====== Records for the exercise
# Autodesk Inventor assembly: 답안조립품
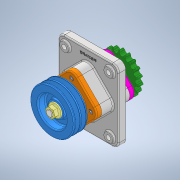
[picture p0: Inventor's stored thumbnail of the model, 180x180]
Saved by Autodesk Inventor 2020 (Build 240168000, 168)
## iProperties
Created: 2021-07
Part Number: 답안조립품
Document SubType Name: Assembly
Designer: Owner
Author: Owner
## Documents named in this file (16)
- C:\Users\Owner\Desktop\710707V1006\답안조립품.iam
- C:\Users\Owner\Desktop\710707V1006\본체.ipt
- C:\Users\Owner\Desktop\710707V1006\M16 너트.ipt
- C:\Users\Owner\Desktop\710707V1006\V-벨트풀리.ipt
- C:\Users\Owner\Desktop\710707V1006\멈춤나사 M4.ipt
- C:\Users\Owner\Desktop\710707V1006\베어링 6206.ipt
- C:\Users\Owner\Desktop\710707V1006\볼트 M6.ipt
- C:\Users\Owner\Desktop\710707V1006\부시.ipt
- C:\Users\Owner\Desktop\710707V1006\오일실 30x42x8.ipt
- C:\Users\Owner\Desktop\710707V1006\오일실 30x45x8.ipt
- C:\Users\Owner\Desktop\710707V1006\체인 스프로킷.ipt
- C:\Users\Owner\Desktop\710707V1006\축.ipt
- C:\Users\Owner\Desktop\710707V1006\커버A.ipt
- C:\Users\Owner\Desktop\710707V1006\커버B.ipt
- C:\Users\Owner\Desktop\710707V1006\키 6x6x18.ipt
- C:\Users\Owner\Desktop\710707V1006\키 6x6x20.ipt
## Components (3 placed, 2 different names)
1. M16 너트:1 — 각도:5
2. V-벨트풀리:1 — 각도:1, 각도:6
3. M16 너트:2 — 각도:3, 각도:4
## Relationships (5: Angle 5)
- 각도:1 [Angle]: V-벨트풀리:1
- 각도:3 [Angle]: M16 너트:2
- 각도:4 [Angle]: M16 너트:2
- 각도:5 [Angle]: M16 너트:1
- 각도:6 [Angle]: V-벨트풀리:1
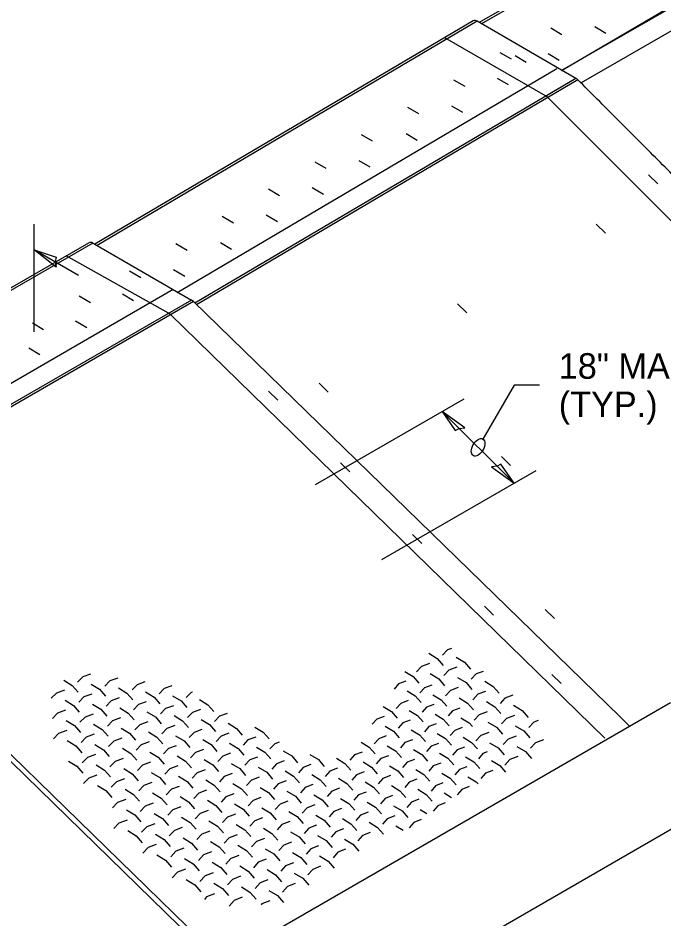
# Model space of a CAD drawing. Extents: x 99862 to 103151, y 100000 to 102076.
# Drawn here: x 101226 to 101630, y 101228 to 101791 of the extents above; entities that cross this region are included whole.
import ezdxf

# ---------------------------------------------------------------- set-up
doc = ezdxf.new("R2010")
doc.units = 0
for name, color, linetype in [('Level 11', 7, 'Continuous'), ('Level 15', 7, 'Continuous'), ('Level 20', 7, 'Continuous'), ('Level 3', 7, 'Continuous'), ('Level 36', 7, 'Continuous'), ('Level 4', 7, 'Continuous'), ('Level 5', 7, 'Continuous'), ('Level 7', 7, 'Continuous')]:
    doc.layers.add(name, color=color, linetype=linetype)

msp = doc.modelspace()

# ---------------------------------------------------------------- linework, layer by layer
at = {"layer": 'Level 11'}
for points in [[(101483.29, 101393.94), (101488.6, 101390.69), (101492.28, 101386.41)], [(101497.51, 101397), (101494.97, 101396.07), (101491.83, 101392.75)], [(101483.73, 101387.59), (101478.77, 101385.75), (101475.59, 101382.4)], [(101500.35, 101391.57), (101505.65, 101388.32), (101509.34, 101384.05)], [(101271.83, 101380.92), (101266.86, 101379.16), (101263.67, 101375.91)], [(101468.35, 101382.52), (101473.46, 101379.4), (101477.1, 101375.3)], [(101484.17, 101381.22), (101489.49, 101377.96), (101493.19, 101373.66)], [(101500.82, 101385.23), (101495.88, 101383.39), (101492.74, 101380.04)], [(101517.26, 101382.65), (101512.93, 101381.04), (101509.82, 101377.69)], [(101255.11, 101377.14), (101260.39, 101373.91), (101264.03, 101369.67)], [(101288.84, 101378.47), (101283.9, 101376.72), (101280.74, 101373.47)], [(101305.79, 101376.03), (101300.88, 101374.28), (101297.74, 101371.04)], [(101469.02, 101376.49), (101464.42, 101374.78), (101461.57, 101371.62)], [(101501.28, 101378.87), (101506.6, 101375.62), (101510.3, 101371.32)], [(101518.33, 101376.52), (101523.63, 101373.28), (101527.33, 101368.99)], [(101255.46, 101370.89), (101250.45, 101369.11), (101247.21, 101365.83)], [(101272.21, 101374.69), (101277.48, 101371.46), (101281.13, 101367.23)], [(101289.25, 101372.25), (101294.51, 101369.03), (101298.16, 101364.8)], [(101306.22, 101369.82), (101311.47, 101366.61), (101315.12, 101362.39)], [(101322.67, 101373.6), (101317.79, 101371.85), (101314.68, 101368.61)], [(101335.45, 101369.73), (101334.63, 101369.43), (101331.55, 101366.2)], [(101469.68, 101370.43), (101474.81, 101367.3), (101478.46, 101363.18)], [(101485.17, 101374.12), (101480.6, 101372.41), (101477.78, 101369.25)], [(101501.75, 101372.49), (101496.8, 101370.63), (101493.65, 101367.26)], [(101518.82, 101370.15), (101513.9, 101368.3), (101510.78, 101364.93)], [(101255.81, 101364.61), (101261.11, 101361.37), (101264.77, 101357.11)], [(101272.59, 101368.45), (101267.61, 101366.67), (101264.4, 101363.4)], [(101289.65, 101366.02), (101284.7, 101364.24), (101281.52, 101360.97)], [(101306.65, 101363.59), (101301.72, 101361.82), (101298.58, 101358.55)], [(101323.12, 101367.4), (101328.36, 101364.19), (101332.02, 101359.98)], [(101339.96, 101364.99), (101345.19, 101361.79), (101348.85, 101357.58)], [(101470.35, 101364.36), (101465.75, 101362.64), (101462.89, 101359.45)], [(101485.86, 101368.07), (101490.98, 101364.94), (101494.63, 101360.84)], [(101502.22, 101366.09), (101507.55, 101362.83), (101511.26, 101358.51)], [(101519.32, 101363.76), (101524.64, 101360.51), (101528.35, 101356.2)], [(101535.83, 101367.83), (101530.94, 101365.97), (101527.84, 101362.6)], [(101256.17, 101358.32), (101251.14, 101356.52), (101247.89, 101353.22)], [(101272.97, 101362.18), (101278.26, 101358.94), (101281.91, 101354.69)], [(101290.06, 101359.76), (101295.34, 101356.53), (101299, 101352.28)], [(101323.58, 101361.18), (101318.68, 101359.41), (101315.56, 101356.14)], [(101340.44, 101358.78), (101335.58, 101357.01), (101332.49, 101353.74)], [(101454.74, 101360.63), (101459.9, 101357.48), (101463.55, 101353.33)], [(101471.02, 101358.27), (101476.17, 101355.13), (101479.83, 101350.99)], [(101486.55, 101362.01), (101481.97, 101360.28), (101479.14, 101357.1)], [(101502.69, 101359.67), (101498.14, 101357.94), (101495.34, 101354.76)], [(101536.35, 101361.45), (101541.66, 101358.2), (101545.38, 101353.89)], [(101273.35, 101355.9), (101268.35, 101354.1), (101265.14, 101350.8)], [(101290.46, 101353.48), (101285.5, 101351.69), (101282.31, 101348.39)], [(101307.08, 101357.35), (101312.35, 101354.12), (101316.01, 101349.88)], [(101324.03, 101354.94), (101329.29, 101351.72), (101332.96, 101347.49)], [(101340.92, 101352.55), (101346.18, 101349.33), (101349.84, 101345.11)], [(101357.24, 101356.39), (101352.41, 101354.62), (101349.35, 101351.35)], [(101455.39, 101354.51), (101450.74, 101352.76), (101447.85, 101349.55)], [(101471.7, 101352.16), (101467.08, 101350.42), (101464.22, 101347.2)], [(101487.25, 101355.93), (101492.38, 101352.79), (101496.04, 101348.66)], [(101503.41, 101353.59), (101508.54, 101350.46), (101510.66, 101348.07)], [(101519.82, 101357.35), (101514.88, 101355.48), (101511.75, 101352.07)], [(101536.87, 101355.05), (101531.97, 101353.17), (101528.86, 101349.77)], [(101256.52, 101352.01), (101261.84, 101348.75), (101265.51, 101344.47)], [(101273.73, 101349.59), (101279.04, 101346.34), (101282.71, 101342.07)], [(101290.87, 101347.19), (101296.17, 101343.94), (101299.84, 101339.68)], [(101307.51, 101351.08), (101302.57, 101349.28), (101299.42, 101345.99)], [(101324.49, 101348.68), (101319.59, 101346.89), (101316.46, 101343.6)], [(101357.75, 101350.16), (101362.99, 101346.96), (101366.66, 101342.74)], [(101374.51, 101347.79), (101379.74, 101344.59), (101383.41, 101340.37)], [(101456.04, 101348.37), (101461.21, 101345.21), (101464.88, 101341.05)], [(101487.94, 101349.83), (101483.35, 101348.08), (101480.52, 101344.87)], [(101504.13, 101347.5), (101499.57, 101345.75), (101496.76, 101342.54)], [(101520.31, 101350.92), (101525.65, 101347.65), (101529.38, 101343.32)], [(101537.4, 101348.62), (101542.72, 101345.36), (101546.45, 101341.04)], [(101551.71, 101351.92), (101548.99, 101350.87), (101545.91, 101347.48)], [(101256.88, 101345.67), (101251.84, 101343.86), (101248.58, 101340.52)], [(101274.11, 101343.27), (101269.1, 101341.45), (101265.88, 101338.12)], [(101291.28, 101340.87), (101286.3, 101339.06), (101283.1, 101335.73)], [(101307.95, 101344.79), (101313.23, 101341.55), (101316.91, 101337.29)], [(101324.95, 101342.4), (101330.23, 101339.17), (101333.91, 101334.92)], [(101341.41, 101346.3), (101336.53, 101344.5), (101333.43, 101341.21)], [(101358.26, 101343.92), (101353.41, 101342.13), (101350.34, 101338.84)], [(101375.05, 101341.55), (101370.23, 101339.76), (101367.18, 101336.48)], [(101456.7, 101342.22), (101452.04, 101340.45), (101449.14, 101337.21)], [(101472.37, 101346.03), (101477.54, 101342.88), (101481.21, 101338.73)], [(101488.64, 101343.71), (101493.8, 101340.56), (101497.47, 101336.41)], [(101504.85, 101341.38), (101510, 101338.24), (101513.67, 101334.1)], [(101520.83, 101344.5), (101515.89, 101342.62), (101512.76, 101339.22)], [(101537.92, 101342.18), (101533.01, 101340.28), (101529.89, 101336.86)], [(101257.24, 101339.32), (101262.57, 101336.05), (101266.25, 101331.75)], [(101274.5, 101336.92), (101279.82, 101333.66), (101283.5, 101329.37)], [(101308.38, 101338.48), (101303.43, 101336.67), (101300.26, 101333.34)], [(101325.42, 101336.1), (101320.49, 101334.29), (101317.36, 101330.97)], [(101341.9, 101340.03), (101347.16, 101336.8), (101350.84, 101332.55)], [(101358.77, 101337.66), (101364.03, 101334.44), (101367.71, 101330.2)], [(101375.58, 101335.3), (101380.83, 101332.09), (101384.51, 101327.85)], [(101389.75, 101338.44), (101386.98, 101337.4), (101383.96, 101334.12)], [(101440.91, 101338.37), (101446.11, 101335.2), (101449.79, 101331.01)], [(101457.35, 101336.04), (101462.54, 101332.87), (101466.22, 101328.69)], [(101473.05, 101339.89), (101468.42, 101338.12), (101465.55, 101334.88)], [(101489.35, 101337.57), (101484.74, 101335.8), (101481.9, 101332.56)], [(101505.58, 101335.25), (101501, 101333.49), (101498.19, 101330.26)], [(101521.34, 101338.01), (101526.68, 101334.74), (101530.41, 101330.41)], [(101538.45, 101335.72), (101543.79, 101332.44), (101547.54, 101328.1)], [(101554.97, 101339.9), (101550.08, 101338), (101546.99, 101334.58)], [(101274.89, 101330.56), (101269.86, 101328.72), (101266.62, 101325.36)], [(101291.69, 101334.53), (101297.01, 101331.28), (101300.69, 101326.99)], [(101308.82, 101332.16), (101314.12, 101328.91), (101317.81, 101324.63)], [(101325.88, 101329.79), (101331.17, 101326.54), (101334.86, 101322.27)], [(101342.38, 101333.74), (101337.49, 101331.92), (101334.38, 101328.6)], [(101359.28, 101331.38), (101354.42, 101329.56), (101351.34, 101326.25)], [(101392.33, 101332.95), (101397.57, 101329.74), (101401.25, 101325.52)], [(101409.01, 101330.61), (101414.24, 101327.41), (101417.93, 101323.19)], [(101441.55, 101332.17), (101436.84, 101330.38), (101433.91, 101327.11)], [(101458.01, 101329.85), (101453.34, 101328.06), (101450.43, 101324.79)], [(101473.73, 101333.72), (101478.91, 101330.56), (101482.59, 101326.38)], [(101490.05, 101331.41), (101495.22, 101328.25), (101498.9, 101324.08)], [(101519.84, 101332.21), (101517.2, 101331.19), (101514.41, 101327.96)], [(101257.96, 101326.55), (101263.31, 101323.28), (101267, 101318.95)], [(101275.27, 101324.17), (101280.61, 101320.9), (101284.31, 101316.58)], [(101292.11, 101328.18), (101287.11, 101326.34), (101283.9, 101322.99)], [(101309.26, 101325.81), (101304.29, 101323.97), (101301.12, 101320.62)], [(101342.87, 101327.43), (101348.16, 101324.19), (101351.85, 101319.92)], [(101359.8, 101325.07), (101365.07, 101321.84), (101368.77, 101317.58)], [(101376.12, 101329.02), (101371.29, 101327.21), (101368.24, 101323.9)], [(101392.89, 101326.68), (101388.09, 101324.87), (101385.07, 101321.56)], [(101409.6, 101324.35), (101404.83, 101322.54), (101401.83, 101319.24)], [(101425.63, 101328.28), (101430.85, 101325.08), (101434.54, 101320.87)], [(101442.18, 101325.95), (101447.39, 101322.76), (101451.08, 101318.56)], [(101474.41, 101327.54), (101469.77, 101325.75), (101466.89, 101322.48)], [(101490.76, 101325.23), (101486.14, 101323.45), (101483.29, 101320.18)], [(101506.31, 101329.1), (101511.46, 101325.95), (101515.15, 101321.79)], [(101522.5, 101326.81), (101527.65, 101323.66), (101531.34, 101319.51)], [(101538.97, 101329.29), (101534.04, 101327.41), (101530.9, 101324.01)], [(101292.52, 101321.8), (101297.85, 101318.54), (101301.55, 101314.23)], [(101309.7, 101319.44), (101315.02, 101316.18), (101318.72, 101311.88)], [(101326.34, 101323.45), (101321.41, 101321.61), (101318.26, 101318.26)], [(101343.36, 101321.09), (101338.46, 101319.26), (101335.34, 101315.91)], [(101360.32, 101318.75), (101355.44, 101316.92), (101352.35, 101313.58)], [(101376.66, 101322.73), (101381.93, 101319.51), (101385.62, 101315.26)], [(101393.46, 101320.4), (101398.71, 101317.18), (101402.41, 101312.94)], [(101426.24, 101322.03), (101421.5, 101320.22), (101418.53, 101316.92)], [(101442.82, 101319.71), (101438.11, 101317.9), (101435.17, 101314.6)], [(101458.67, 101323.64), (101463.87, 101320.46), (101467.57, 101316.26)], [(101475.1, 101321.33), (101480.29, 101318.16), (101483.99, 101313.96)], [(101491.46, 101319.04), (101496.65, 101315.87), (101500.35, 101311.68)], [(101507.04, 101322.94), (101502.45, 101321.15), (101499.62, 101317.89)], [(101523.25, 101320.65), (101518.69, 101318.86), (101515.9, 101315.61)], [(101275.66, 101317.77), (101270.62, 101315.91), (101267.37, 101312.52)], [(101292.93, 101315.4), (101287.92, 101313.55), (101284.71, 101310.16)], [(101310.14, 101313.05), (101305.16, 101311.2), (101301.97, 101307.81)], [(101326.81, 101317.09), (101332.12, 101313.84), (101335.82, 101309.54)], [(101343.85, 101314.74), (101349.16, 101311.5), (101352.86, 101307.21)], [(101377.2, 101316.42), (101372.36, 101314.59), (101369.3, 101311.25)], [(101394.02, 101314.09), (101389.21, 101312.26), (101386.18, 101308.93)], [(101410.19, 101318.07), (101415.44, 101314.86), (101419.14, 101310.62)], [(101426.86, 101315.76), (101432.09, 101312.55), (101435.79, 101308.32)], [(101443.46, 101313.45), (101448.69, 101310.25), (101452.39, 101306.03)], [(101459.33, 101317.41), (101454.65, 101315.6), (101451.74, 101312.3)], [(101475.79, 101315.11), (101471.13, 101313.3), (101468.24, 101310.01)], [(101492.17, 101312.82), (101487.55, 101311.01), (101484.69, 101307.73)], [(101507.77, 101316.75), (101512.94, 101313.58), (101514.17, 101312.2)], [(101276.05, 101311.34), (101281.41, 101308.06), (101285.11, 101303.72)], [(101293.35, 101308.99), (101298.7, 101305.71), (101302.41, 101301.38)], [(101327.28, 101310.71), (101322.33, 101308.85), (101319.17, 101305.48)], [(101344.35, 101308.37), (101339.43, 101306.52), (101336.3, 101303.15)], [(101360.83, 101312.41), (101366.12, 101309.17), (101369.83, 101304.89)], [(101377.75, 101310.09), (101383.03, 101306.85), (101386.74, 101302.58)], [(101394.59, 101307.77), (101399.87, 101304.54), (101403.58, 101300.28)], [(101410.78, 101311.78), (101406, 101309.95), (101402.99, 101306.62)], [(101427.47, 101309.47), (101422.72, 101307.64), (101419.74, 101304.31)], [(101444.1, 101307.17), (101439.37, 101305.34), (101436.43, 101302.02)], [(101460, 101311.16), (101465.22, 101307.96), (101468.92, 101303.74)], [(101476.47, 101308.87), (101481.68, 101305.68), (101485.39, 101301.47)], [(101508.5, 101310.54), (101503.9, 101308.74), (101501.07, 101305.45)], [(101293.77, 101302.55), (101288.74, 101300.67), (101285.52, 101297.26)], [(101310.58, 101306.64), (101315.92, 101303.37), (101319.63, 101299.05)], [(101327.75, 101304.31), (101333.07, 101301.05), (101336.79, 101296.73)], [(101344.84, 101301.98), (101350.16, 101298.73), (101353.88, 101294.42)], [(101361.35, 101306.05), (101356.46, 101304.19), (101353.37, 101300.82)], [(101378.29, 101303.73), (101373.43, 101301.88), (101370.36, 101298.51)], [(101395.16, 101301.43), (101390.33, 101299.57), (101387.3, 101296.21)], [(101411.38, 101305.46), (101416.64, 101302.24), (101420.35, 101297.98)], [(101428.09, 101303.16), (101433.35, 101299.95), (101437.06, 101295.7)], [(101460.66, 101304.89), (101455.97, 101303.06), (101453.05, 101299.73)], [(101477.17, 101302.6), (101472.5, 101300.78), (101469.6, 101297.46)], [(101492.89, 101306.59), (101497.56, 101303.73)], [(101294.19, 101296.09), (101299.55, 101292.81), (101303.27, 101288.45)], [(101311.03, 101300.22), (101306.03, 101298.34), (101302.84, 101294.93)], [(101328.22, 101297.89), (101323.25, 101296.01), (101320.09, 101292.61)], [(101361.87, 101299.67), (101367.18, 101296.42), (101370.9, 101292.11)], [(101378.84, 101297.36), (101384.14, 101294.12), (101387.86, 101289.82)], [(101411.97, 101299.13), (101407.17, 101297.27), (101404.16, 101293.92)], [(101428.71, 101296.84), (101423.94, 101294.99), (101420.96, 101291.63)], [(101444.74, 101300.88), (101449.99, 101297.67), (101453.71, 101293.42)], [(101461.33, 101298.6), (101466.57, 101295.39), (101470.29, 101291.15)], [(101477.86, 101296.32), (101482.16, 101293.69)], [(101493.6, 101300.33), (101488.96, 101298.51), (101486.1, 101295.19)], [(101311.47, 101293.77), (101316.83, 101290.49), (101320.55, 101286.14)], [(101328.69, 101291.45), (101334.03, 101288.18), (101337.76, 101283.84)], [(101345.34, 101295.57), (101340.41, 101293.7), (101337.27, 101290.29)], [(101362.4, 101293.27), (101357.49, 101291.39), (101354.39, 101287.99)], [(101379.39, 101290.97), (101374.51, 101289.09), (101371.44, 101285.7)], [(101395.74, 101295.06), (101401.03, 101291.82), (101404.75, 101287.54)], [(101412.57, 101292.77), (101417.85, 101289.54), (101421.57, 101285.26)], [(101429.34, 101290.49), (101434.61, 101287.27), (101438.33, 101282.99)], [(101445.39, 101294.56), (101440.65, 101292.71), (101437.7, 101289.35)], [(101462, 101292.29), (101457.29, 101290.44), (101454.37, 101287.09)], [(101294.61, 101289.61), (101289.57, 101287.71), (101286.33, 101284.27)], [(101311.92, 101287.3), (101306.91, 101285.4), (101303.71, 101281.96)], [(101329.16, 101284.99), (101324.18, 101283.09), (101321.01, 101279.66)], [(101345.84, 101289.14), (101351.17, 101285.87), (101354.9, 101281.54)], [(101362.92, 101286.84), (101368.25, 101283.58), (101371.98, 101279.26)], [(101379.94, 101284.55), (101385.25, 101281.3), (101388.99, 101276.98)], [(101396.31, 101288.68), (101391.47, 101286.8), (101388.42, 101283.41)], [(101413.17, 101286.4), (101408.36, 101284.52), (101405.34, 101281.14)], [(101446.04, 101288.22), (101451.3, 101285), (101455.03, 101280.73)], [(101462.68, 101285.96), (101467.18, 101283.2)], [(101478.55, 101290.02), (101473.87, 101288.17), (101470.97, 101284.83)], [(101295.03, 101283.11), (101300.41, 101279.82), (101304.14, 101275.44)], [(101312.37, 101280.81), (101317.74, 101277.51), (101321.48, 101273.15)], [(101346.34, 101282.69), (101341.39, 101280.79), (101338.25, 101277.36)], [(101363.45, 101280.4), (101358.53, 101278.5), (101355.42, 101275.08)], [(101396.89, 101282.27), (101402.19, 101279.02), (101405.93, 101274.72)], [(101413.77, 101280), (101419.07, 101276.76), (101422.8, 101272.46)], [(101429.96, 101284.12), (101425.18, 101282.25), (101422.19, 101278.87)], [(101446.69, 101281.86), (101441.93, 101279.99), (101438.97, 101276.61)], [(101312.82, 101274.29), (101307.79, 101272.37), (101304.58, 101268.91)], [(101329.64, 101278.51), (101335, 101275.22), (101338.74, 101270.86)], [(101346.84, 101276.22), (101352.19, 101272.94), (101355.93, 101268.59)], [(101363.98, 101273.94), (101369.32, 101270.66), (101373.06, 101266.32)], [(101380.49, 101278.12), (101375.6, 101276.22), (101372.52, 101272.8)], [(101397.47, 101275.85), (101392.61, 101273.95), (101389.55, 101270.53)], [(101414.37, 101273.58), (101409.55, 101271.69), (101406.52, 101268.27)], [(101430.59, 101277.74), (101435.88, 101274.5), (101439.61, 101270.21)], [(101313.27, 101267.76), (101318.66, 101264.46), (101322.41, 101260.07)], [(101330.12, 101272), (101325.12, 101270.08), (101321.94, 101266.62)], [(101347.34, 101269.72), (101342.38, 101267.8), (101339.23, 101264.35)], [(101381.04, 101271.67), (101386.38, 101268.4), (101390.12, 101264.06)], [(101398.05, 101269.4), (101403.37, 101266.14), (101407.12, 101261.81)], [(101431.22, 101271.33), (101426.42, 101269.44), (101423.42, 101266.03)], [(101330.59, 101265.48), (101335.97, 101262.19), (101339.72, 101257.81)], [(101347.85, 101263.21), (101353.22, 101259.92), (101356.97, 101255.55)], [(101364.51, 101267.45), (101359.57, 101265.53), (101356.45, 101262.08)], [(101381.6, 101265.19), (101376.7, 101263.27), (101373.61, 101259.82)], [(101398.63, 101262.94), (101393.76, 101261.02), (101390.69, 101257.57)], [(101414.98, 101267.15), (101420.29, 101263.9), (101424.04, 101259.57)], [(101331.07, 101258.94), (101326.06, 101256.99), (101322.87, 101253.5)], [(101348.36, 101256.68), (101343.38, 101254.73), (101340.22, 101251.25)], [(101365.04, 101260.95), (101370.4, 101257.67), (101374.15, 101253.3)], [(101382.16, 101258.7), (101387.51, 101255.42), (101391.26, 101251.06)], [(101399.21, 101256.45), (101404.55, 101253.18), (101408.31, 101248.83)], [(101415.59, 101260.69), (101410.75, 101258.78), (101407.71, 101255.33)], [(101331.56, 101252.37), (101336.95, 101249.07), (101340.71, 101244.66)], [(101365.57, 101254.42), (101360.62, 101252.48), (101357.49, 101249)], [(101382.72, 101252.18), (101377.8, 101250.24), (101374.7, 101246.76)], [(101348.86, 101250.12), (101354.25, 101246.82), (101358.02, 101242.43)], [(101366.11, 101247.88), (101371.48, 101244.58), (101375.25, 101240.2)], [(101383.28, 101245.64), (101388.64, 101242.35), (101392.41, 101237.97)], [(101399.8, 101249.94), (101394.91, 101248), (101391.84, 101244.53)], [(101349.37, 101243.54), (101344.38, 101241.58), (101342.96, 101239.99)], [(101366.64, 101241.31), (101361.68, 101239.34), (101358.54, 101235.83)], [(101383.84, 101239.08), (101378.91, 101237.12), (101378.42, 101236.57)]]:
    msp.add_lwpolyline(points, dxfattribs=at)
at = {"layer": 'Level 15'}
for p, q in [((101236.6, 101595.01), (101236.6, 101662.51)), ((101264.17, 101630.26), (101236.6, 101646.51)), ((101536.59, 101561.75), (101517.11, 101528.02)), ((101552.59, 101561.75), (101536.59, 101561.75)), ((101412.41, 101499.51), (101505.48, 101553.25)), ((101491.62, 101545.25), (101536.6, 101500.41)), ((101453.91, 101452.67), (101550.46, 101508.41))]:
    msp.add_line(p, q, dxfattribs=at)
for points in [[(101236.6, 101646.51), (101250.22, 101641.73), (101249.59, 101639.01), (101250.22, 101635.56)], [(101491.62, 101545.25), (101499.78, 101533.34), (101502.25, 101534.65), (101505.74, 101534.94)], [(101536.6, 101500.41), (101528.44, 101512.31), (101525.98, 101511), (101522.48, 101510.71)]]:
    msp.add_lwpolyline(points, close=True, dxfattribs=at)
============
#### [Exercise directions]
Write out exactly the lines above between the line with "Designer: Owner" and the line with "- C:\Users\Owner\Desktop\710707V1006\오일실 30x45x8.ipt", inclusive, and nothing beyond them.

#### [Completed exercise]
Designer: Owner
Author: Owner
## Documents named in this file (16)
- C:\Users\Owner\Desktop\710707V1006\답안조립품.iam
- C:\Users\Owner\Desktop\710707V1006\본체.ipt
- C:\Users\Owner\Desktop\710707V1006\M16 너트.ipt
- C:\Users\Owner\Desktop\710707V1006\V-벨트풀리.ipt
- C:\Users\Owner\Desktop\710707V1006\멈춤나사 M4.ipt
- C:\Users\Owner\Desktop\710707V1006\베어링 6206.ipt
- C:\Users\Owner\Desktop\710707V1006\볼트 M6.ipt
- C:\Users\Owner\Desktop\710707V1006\부시.ipt
- C:\Users\Owner\Desktop\710707V1006\오일실 30x42x8.ipt
- C:\Users\Owner\Desktop\710707V1006\오일실 30x45x8.ipt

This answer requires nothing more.